-- YOUR GOAL --
The expected response is an exact repetition of every record, with images excluded.

-- INPUT DATA --
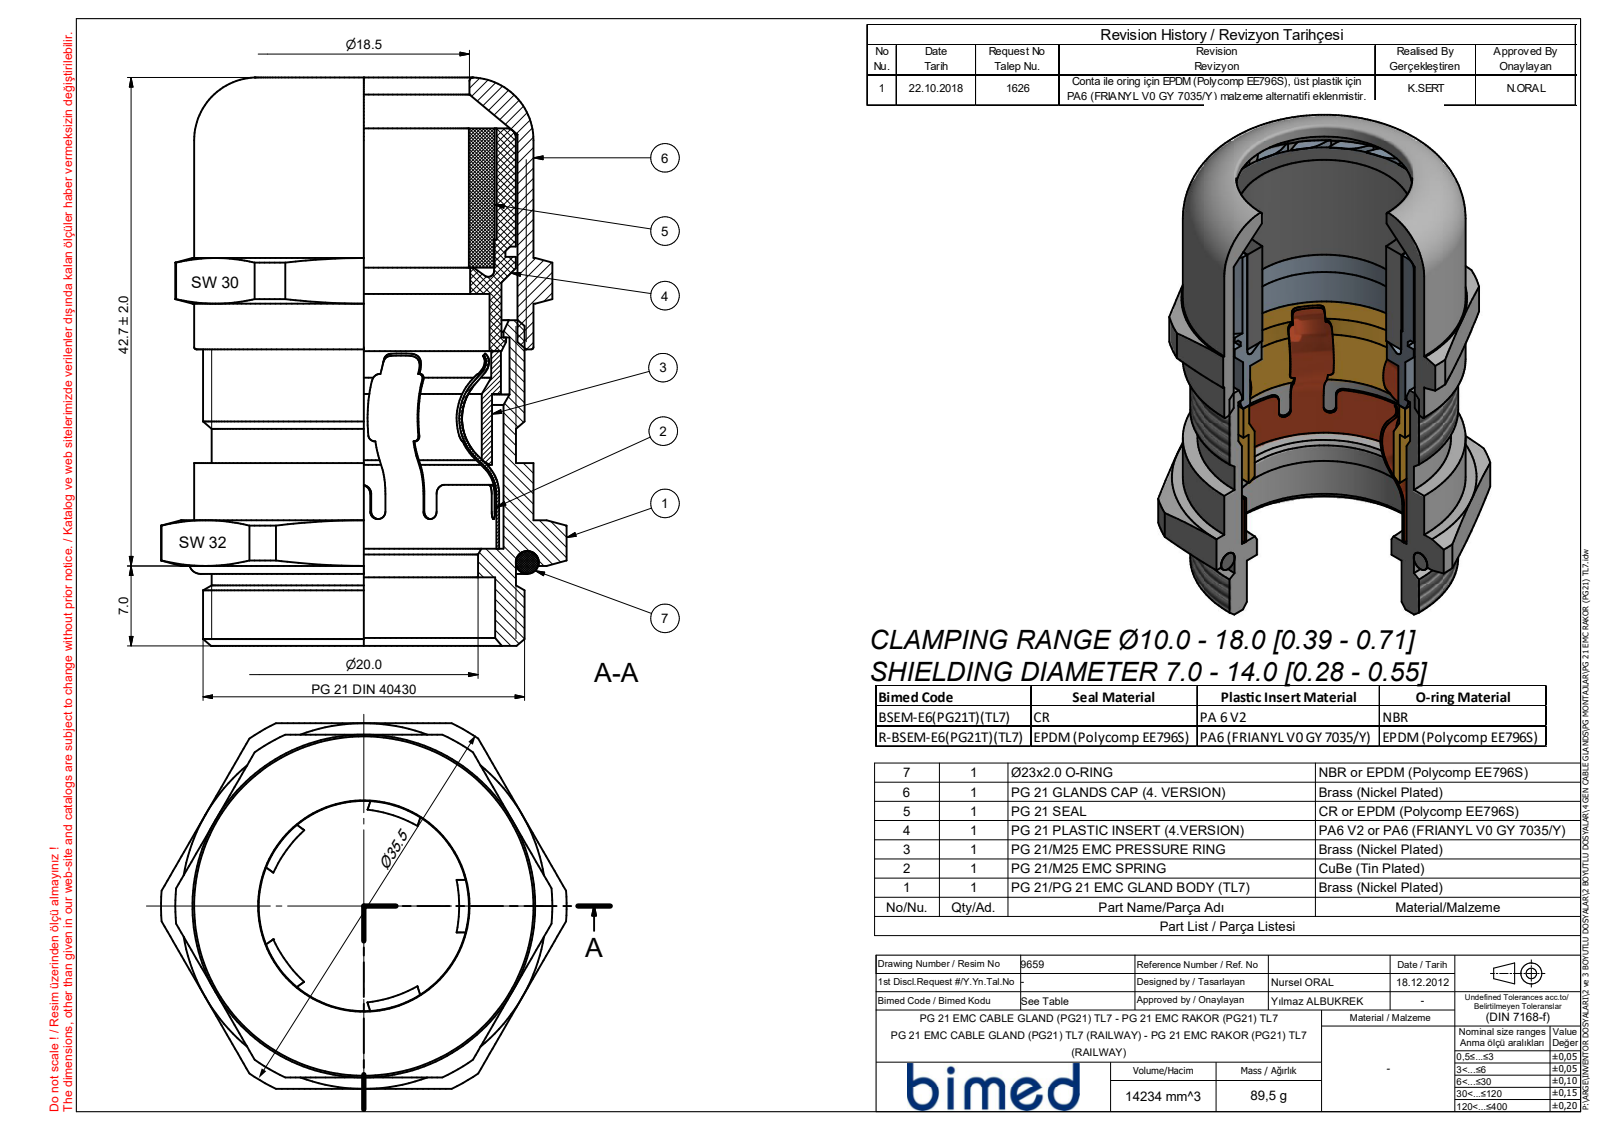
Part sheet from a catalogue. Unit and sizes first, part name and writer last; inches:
Units: inches
Overall size (bounding box): 1.959 × 1.398 × 1.26
Round bosses / shafts (diameter × count): ⌀1.169 ×1, ⌀1.108 ×1, ⌀1.048 ×1
Partial cylindrical surfaces — rounded edges, fillets, slot ends (radius × count): R0.65 ×1, R0.699 ×1
Main face-to-face distances: 0.039, 1.22, 1.949, 1.26, 1.181, 0.63, 1.319, 0.433, 0.197, 1.516
Volume: 2.039 in³ · Surface area: 10.24 in²
Bodies: 1 solid, 91 faces (21 planar, 28 cylindrical, 42 other)
Part name (STEP PRODUCT): BSEM-E6-PG21T-WCL
STEP written by: SolidWorks 2021 (CONFIG_CONTROL_DESIGN)
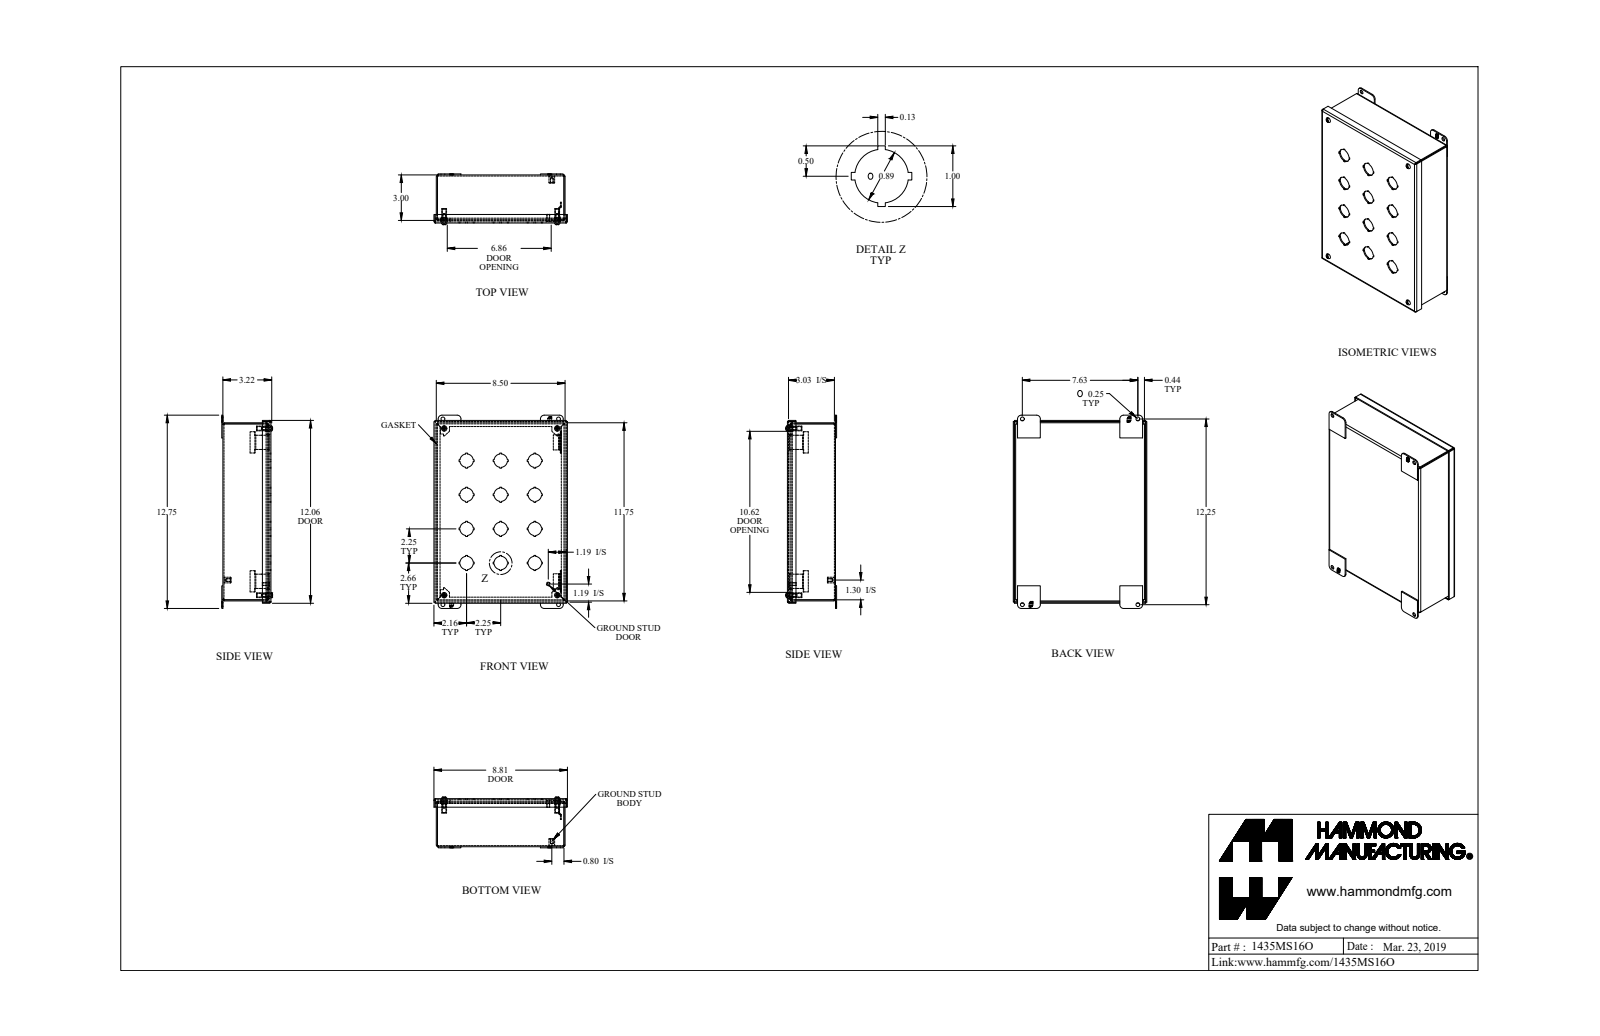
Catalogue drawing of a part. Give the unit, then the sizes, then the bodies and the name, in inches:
Units: inches
Overall size (bounding box): 12.75 × 8.81 × 3.354
Round holes (diameter × count): ⌀0.886 ×12, ⌀0.25 ×8, ⌀0.065 ×4, ⌀0.239 ×4, ⌀0.253 ×4, ⌀0.406 ×4, ⌀0.156 ×1
Round bosses / shafts (diameter × count): ⌀0.19 ×5, ⌀0.406 ×4, ⌀0.315 ×4, ⌀0.148 ×4, ⌀0.375 ×1, ⌀0.25 ×1
Partial cylindrical surfaces — rounded edges, fillets, slot ends (radius × count): R0.036 ×12, R0.108 ×12, R0.25 ×8, R0.029 ×4, R0.086 ×4, R0.171 ×4
Main face-to-face distances: 0.072, 3.1, 3.172, 3.028, 8.428, 0.072, 11.678, 8.5, 8.356, 0.155
Hole centre spacings: 2.25, 5.031, 3.182, 4.5, 7.46, 7.461, 7.569, 10.999
Volume: 29.39 in³ · Surface area: 780.7 in²
Bodies: 23 solids, 797 faces (567 planar, 200 cylindrical, 30 other)
Part name (STEP PRODUCT): 1435MS16O_Default
STEP written by: SolidWorks 2019 (CONFIG_CONTROL_DESIGN)

-- OUTPUT FOR THIS TASK --
Part sheet from a catalogue. Unit and sizes first, part name and writer last; inches:
Units: inches
Overall size (bounding box): 1.959 × 1.398 × 1.26
Round bosses / shafts (diameter × count): ⌀1.169 ×1, ⌀1.108 ×1, ⌀1.048 ×1
Partial cylindrical surfaces — rounded edges, fillets, slot ends (radius × count): R0.65 ×1, R0.699 ×1
Main face-to-face distances: 0.039, 1.22, 1.949, 1.26, 1.181, 0.63, 1.319, 0.433, 0.197, 1.516
Volume: 2.039 in³ · Surface area: 10.24 in²
Bodies: 1 solid, 91 faces (21 planar, 28 cylindrical, 42 other)
Part name (STEP PRODUCT): BSEM-E6-PG21T-WCL
STEP written by: SolidWorks 2021 (CONFIG_CONTROL_DESIGN)
Catalogue drawing of a part. Give the unit, then the sizes, then the bodies and the name, in inches:
Units: inches
Overall size (bounding box): 12.75 × 8.81 × 3.354
Round holes (diameter × count): ⌀0.886 ×12, ⌀0.25 ×8, ⌀0.065 ×4, ⌀0.239 ×4, ⌀0.253 ×4, ⌀0.406 ×4, ⌀0.156 ×1
Round bosses / shafts (diameter × count): ⌀0.19 ×5, ⌀0.406 ×4, ⌀0.315 ×4, ⌀0.148 ×4, ⌀0.375 ×1, ⌀0.25 ×1
Partial cylindrical surfaces — rounded edges, fillets, slot ends (radius × count): R0.036 ×12, R0.108 ×12, R0.25 ×8, R0.029 ×4, R0.086 ×4, R0.171 ×4
Main face-to-face distances: 0.072, 3.1, 3.172, 3.028, 8.428, 0.072, 11.678, 8.5, 8.356, 0.155
Hole centre spacings: 2.25, 5.031, 3.182, 4.5, 7.46, 7.461, 7.569, 10.999
Volume: 29.39 in³ · Surface area: 780.7 in²
Bodies: 23 solids, 797 faces (567 planar, 200 cylindrical, 30 other)
Part name (STEP PRODUCT): 1435MS16O_Default
STEP written by: SolidWorks 2019 (CONFIG_CONTROL_DESIGN)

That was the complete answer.